◆ **Description of the task**: Search the entries for lines that contain the word "what", and report each one found.

Collected data
==*==

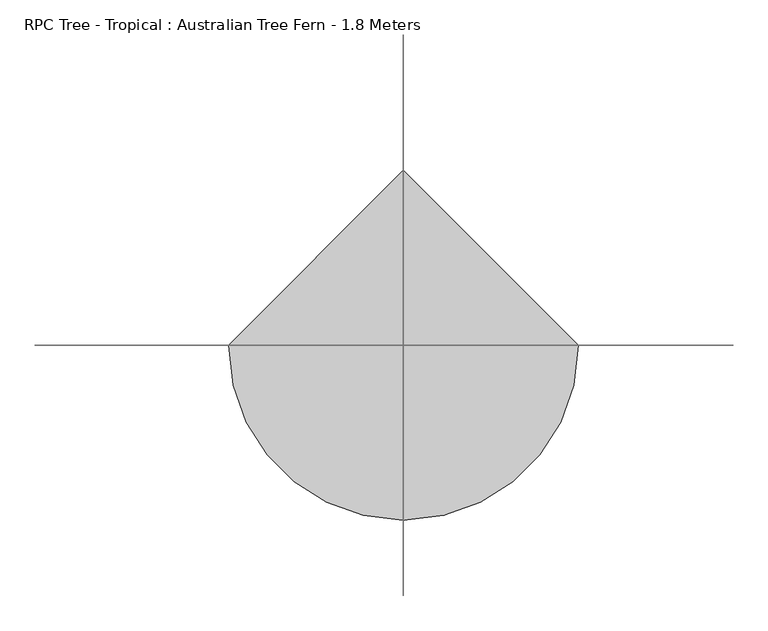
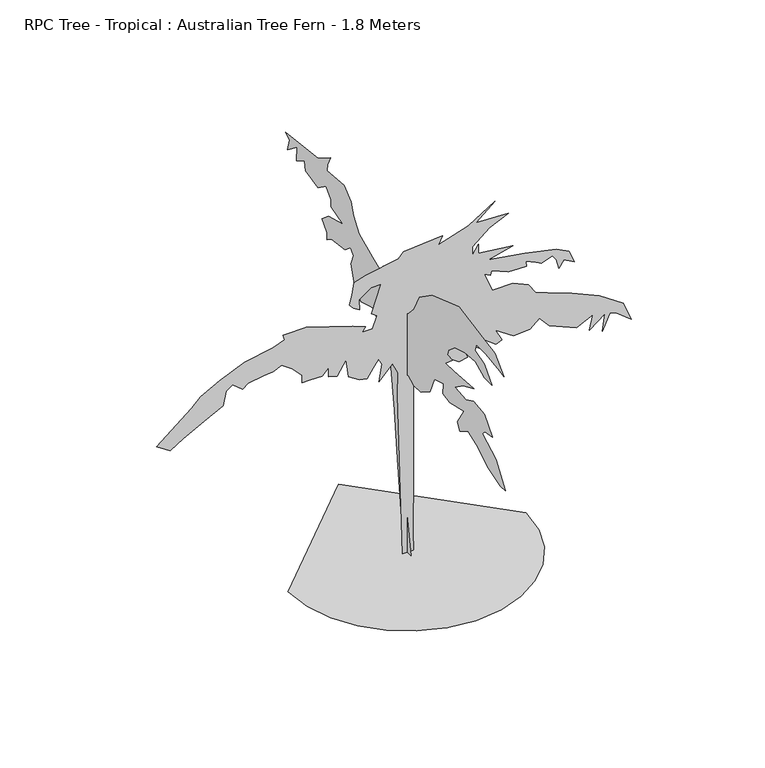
"""IFC4 building model written with IfcOpenShell, lengths in millimetres: geographic element geometry, RPC Tree - Tropical : Australian Tree Fern - 1.8 Meters."""

import ifcopenshell
import ifcopenshell.guid

model = None  # the IFC model being written
_history = None  # IfcOwnerHistory: only IFC2X3 demands one
_inside = {}  # id of a spatial element -> (the spatial element, [elements in it])
_under = {}  # id of a project, library or spatial element -> (it, [spatial elements below it])
_declared = {}  # id of a project -> (the project, [libraries it declares])
_typed = {}  # id of a type object -> (the type object, [elements of that type])
_made_of = {}  # id of a material, layer set ... -> (it, [elements and type objects made of it])


def new_model(schema):
    """Start an empty IFC model of exactly this schema.

    Asked for "IFC4X3", IfcOpenShell would pick the latest addendum, in which some entities
    have other attributes; the version numbers below select the first issue.
    IFC2X3 requires an IfcOwnerHistory on every rooted entity: one is made here for all.
    """
    global model, _history
    if schema == "IFC4X3":
        model = ifcopenshell.file(schema_version=(4, 3, 0, 0))
    else:
        model = ifcopenshell.file(schema=schema)
    _inside.clear()
    _under.clear()
    _declared.clear()
    _typed.clear()
    _made_of.clear()
    _history = None
    if model.schema == "IFC2X3":
        org = make("IfcOrganization", Name="unknown")
        user = make(
            "IfcPersonAndOrganization",
            ThePerson=make("IfcPerson", FamilyName="unknown"),
            TheOrganization=org,
        )
        app = make(
            "IfcApplication",
            ApplicationDeveloper=org,
            Version="unknown",
            ApplicationFullName="unknown",
            ApplicationIdentifier="unknown",
        )
        _history = make(
            "IfcOwnerHistory",
            OwningUser=user,
            OwningApplication=app,
            ChangeAction="ADDED",
            CreationDate=0,
        )
    return model


def make(cls, **values):
    """One entity of the class cls with the attributes given. An attribute that is None is left unset."""
    return model.create_entity(
        cls, **{name: value for name, value in values.items() if value is not None}
    )


def rooted(cls, **values):
    """An entity with a GlobalId (a new one), such as an element, a storey or a relation."""
    return make(cls, GlobalId=ifcopenshell.guid.new(), OwnerHistory=_history, **values)


def si_unit(unit_type, name, prefix=None):
    """IfcSIUnit, for example si_unit("LENGTHUNIT", "METRE", prefix="MILLI")."""
    return make("IfcSIUnit", UnitType=unit_type, Prefix=prefix, Name=name)


def assignment(units):
    """IfcUnitAssignment: the units of a project."""
    return None if units is None else make("IfcUnitAssignment", Units=units)


def point(xyz):
    """IfcCartesianPoint."""
    return None if xyz is None else make("IfcCartesianPoint", Coordinates=xyz)


def direction(xyz):
    """IfcDirection."""
    return None if xyz is None else make("IfcDirection", DirectionRatios=xyz)


def frame(location, z_axis=None, x_axis=None):
    """IfcAxis2Placement3D, a coordinate frame: its origin and axes. An axis left out is left unset."""
    return make(
        "IfcAxis2Placement3D",
        Location=point(location),
        Axis=direction(z_axis),
        RefDirection=direction(x_axis),
    )


def origin():
    """The frame at (0, 0, 0) with its axes left unset."""
    return frame((0.0, 0.0, 0.0))


def place(relative_to, where):
    """IfcLocalPlacement: puts the frame where relative to a parent placement (None: the world)."""
    return make(
        "IfcLocalPlacement", PlacementRelTo=relative_to, RelativePlacement=where
    )


def context(
    kind, dimensions, precision=None, world=None, true_north=None, identifier=None
):
    """IfcGeometricRepresentationContext, for example the 3D "Model" context."""
    return make(
        "IfcGeometricRepresentationContext",
        ContextIdentifier=identifier,
        ContextType=kind,
        CoordinateSpaceDimension=dimensions,
        Precision=precision,
        WorldCoordinateSystem=world,
        TrueNorth=true_north,
    )


def project(units=None, contexts=None):
    """IfcProject with its units and contexts."""
    return rooted(
        "IfcProject",
        Name="project",
        RepresentationContexts=contexts,
        UnitsInContext=assignment(units),
    )


def spatial(cls, under=None, at=None, **own):
    """A site, building, storey or space (cls), placed at a placement, below another one or the project."""
    s = rooted(cls, ObjectPlacement=at, **own)
    if under is not None:
        _under.setdefault(under.id(), (under, []))[1].append(s)
    return s


def point_list(points):
    """IfcCartesianPointList2D or 3D."""
    cls = (
        "IfcCartesianPointList2D" if len(points[0]) == 2 else "IfcCartesianPointList3D"
    )
    return make(cls, CoordList=points)


def triangles(points, corners, closed=None, point_numbers=None):
    """IfcTriangulatedFaceSet: each triangle names its three corners, points numbered from 1."""
    return make(
        "IfcTriangulatedFaceSet",
        Coordinates=point_list(points),
        Closed=closed,
        CoordIndex=corners,
        PnIndex=point_numbers,
    )


def shape(context_of_items, identifier, shape_type, items):
    """IfcShapeRepresentation: the items that make up one representation, for example the "Body"."""
    return make(
        "IfcShapeRepresentation",
        ContextOfItems=context_of_items,
        RepresentationIdentifier=identifier,
        RepresentationType=shape_type,
        Items=items,
    )


def source(mapping_origin, context_of_items, identifier, shape_type, items):
    """IfcRepresentationMap: a shape defined once, which mapped items show again and again."""
    return make(
        "IfcRepresentationMap",
        MappingOrigin=mapping_origin,
        MappedRepresentation=shape(context_of_items, identifier, shape_type, items),
    )


def transform(
    local_origin,
    x_axis=None,
    y_axis=None,
    z_axis=None,
    scale=None,
    scale2=None,
    scale3=None,
    uniform=True,
):
    """IfcCartesianTransformationOperator3D, or its non-uniform kind. x_axis, y_axis, z_axis: its Axis1, 2, 3."""
    if uniform:
        return make(
            "IfcCartesianTransformationOperator3D",
            Axis1=direction(x_axis),
            Axis2=direction(y_axis),
            LocalOrigin=point(local_origin),
            Scale=scale,
            Axis3=direction(z_axis),
        )
    return make(
        "IfcCartesianTransformationOperator3DnonUniform",
        Axis1=direction(x_axis),
        Axis2=direction(y_axis),
        LocalOrigin=point(local_origin),
        Scale=scale,
        Axis3=direction(z_axis),
        Scale2=scale2,
        Scale3=scale3,
    )


def mapped(mapping_source, mapping_target):
    """IfcMappedItem: shows the shape of a source again, moved by a transform."""
    return make(
        "IfcMappedItem", MappingSource=mapping_source, MappingTarget=mapping_target
    )


def made_of(thing, what):
    """Note that an element or type object is made of a material, layer set ...; save() writes the relation."""
    if what is not None:
        _made_of.setdefault(what.id(), (what, []))[1].append(thing)
    return thing


def element(
    cls,
    number,
    at=None,
    inside=None,
    cuts=None,
    type_object=None,
    material=None,
    context=None,
    identifier="Body",
    shape_type=None,
    held_by="IfcProductDefinitionShape",
    body=None,
    shapes=None,
    **own,
):
    """One element of the class cls, such as IfcWall. Its Tag is "e" and its number.

    at: its placement. inside: the storey or other place that contains it. cuts: it is an
    opening in that element (IfcRelVoidsElement). A single representation is given by context,
    identifier, shape_type and body (its items); several are given by shapes. held_by: the class
    of the entity that holds the representations. save() writes the other relations.
    """
    e = rooted(cls, Tag="e%d" % number, ObjectPlacement=at, **own)
    if body is not None:
        shapes = [shape(context, identifier, shape_type, body)]
    if shapes is not None:
        e.Representation = make(held_by, Representations=shapes)
    if inside is not None:
        _inside.setdefault(inside.id(), (inside, []))[1].append(e)
    if cuts is not None:
        rooted(
            "IfcRelVoidsElement", RelatingBuildingElement=cuts, RelatedOpeningElement=e
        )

==*==

◆ **Your response**:
def made_of(thing, what):
    if what is not None:
        _made_of.setdefault(what.id(), (what, []))[1].append(thing)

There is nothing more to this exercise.